I was finally able to get around to wiring up a plug and run my mill for the first time, but there is a pretty good rattling coming out of the head when in high gear. The noise goes away in low gear. I took a short video to show the noise in action.






My first guess as to the origin of the noise is the dog gears are rattling around and hitting each other when in high gear, but it is not clear to me what adjustment can be made to fix this. I am to believe that the dog gears are disengaged in High gear and engaged in low gear?  I screen grabbed a picture from the H&W Machine Repair channel to show which part I'm talking about. I wanted to hear some opinions before I start disassembling the head.


----------



## Susquatch (Jul 20, 2022)

Xyphota said:


> I was finally able to get around to wiring up a plug and run my mill for the first time, but there is a pretty good rattling coming out of the head when in high gear. The noise goes away in low gear. I took a short video to show the noise in action.
> 
> 
> 
> ...



I had the exact same problem on my Hartford Clone of the J-Head. EXACTLY.

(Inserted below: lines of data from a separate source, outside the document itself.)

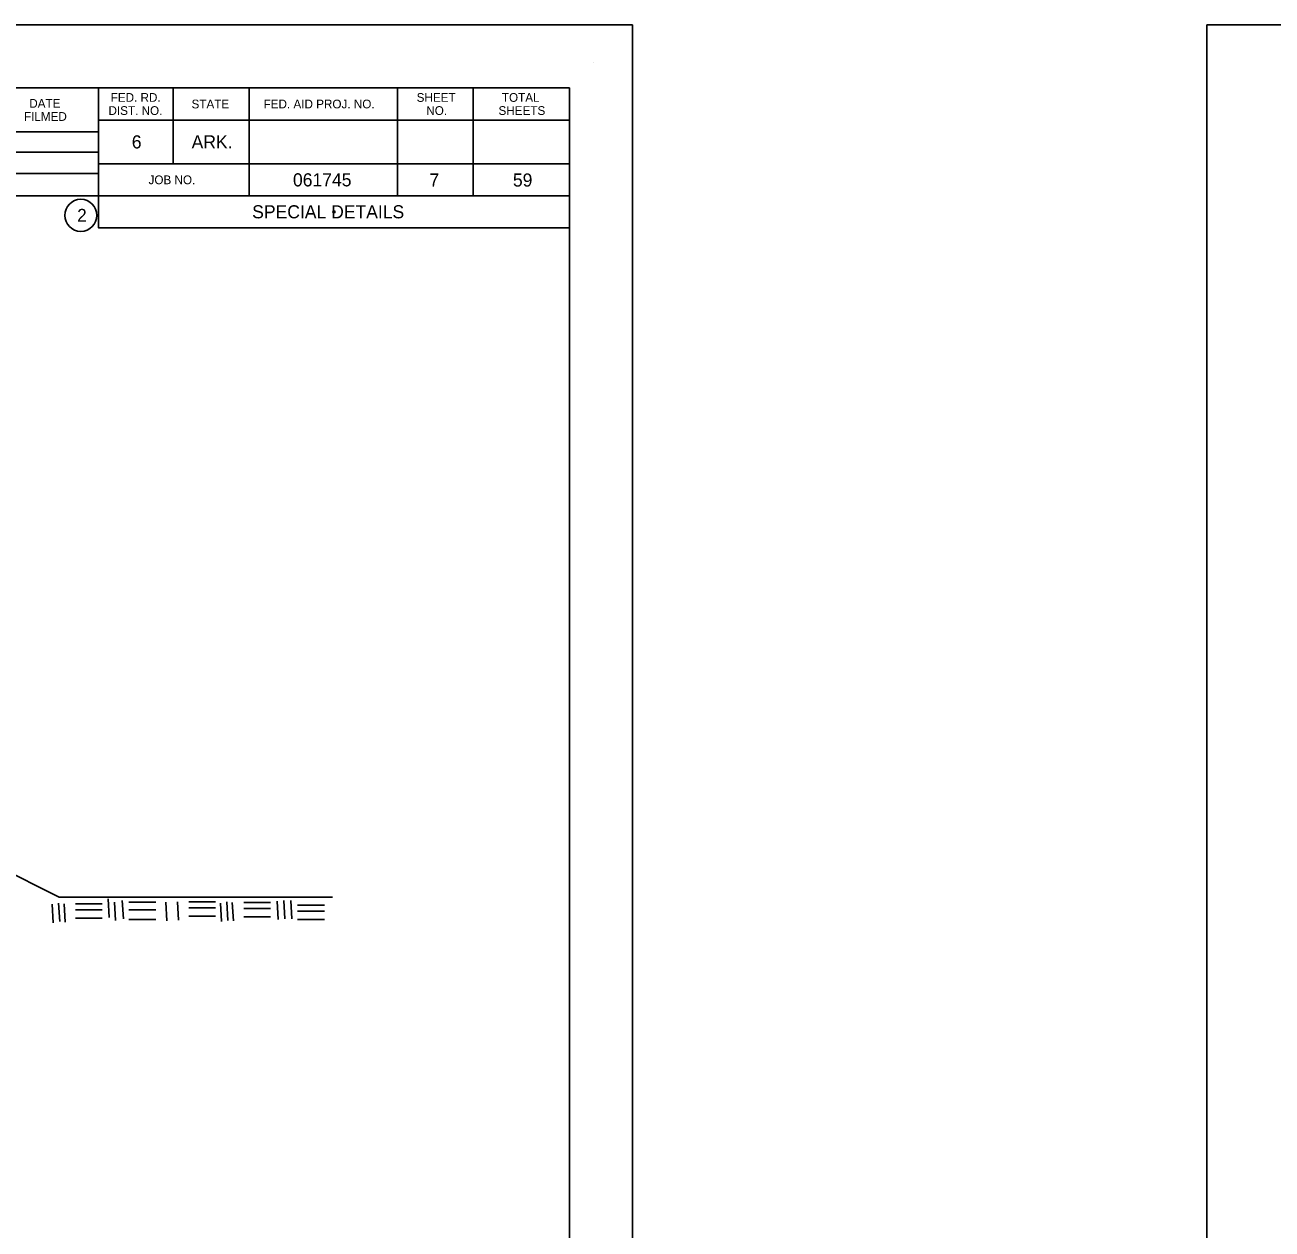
# Model space of a CAD drawing. Extents: x 438659 to 573674, y 10724 to 98600.
# Drawn here: x 519895 to 533589, y 65801 to 79030 of the extents above; entities that cross this region are included whole.
import ezdxf

# ---------------------------------------------------------------- set-up
doc = ezdxf.new("R2010")
doc.units = 0
for name, color, linetype in [('R_Striping', 7, 'Continuous'), ('T_Vehicle Path Lt Major', 7, 'Continuous'), ('T_Vehicle Path Rt', 7, 'Continuous')]:
    doc.layers.add(name, color=color, linetype=linetype)

msp = doc.modelspace()

# ---------------------------------------------------------------- linework, layer by layer
at = {"layer": 'R_Striping'}
for p, q in [((526137, 78614), (526137, 78614)), ((487586, 78338), (525874, 78338)), ((520702, 78338), (520702, 76802)), ((521523, 78338), (521523, 77505)), ((522356, 78338), (522356, 77152)), ((523985, 78338), (523985, 77152)), ((524818, 78338), (524818, 77152)), ((525874, 53322), (525874, 78338)), ((525874, 77985), (520702, 77985)), ((525874, 77987), (525874, 77987)), ((516003, 77855), (520702, 77855)), ((516003, 77632), (520702, 77632)), ((516003, 77399), (520702, 77399)), ((525874, 77505), (520702, 77505)), ((521057, 77505), (525874, 77505)), ((525874, 77152), (516003, 77152)), ((520702, 76802), (525874, 76802))]:
    msp.add_line(p, q, dxfattribs=at)
for points in [[(526566, 79030), (485766, 79030), (485766, 52630), (526566, 52630)], [(573674, 79030), (532874, 79030), (532874, 52630), (573674, 52630)], [(487586, 53322), (487586, 78338), (516003, 78338), (516003, 77152), (520702, 77152), (520702, 76802), (525874, 76802), (525874, 53322)]]:
    msp.add_lwpolyline(points, close=True, dxfattribs=at)
msp.add_circle((520509, 76938), 176, dxfattribs=at)
at = {"layer": 'T_Vehicle Path Lt Major'}
msp.add_circle((523288, 76977), 12, dxfattribs=at)
at = {"layer": 'T_Vehicle Path Rt'}
for p, q in [((520270, 69449), (516545, 71311)), ((523273, 69449), (520270, 69449)), ((520194, 69369), (520206, 69166)), ((520264, 69383), (520276, 69180)), ((520325, 69376), (520336, 69173)), ((520743, 69376), (520449, 69376)), ((520743, 69309), (520449, 69309)), ((520809, 69428), (520820, 69225)), ((520878, 69393), (520889, 69190)), ((520964, 69411), (520976, 69208)), ((521332, 69394), (521037, 69394)), ((521332, 69307), (521037, 69307)), ((521440, 69391), (521452, 69188)), ((521571, 69398), (521582, 69195)), ((521989, 69398), (521695, 69398)), ((521989, 69331), (521695, 69331)), ((522041, 69382), (522053, 69179)), ((522112, 69397), (522122, 69193)), ((522172, 69389), (522184, 69186)), ((522590, 69389), (522297, 69389)), ((522590, 69322), (522297, 69322)), ((522665, 69404), (522676, 69201)), ((522737, 69412), (522748, 69209)), ((522814, 69412), (522826, 69209)), ((523183, 69359), (522889, 69359)), ((520743, 69218), (520449, 69218)), ((521332, 69203), (521037, 69203)), ((521989, 69240), (521695, 69240)), ((522590, 69232), (522297, 69232)), ((523183, 69292), (522889, 69292)), ((523183, 69201), (522889, 69201))]:
    msp.add_line(p, q, dxfattribs=at)

# ---------------------------------------------------------------- texts
at = {"layer": 'R_Striping'}
for s, height, p in [('DATE', 96, (519942, 78120)), ('FED. RD.', 96, (520836, 78185)), ('STATE', 96, (521724, 78113)), ('FED. AID PROJ. NO.', 96, (522515, 78113)), ('SHEET', 96, (524196, 78185)), ('TOTAL', 96, (525132, 78185)), ('FILMED', 96, (519884, 77976)), ('DIST. NO.', 96, (520812, 78041)), ('NO.', 96, (524302, 78041)), ('SHEETS', 96, (525095, 78041)), ('6', 144, (521068, 77673)), ('ARK.', 144, (521725, 77673)), ('JOB NO.', 96, (521252, 77280)), ('061745', 144, (522838, 77256)), ('7', 144, (524336, 77254)), ('59', 144, (525253, 77254)), ('2', 141, (520468, 76868)), ('SPECIAL DETAILS', 144, (522390, 76905))]:
    msp.add_text(s, height=height, dxfattribs=at).set_placement(p)

doc.saveas('drawing.dxf')

I think the teeth are engaged opposite to what you assumed. I believe they are engaged in high speed and disengaged in low speed. Engaging them results in direct drive of the spindle from the top pulley. Separating them allows the top and bottom to turn at different speeds from each other through the reduction gear set. I wish it were as you described.......

I found references to this problem on other forums that suggested the cam that raises and lowers the dog teeth was sticking. To test for this, lower the cam and then rap on the top ring of the cam with a dead-blow hammer to see if the noise goes away. If so, you might be able to adjust and/or lubricate the cam.

In my case, it turned out that the dog teeth section was rubbing on the housing cover a bit when lowered to engage the dogs.

I did three things that dramatically reduced the noise.

1. Removed the internal cover for the bull gear, re-centered it on the bottom dog clutch, drilled new locating dowel pin holes, relieved the ID of the dog clutch hole in the cover, reinstalled the cover, and used red & sticky grease to lubricate the dogs.

2. Adjusted and lubricated the cam that raises and lowers the clutch.

3. Adjusted the belt tension of the pullies. Sometimes it still makes a bit of noise at certain speeds. (I have a variable speed VFD on it). I can usually make that go away by slightly raising the cam a bit.

Hopefully your clutch teeth are not so badly worn that they need replacement - it's expensive.

It is also possible that the bearing in the top spindle pulley has some play in it and might need to be replaced. You only need to take the top cover off to do that. The pulley is attached to the cover through the bearing.

If the time comes when I have to replace the dogs, I'll prolly just stop using hi speed and use the VFD to get me whatever speed it can deliver instead. It would be easier if the problem happened in low speed because my motor and VFD combo can run at zero.


----------



## Xyphota (Jul 20, 2022)

Thanks for the detailed response! You are right about the direction the dogs are engaged in high vs low gear. They are engaged in high gear. I will try to do some disassembly to see what the internals look like. For the item number 1 in your list, is there a video or forum post with pictures you referenced? 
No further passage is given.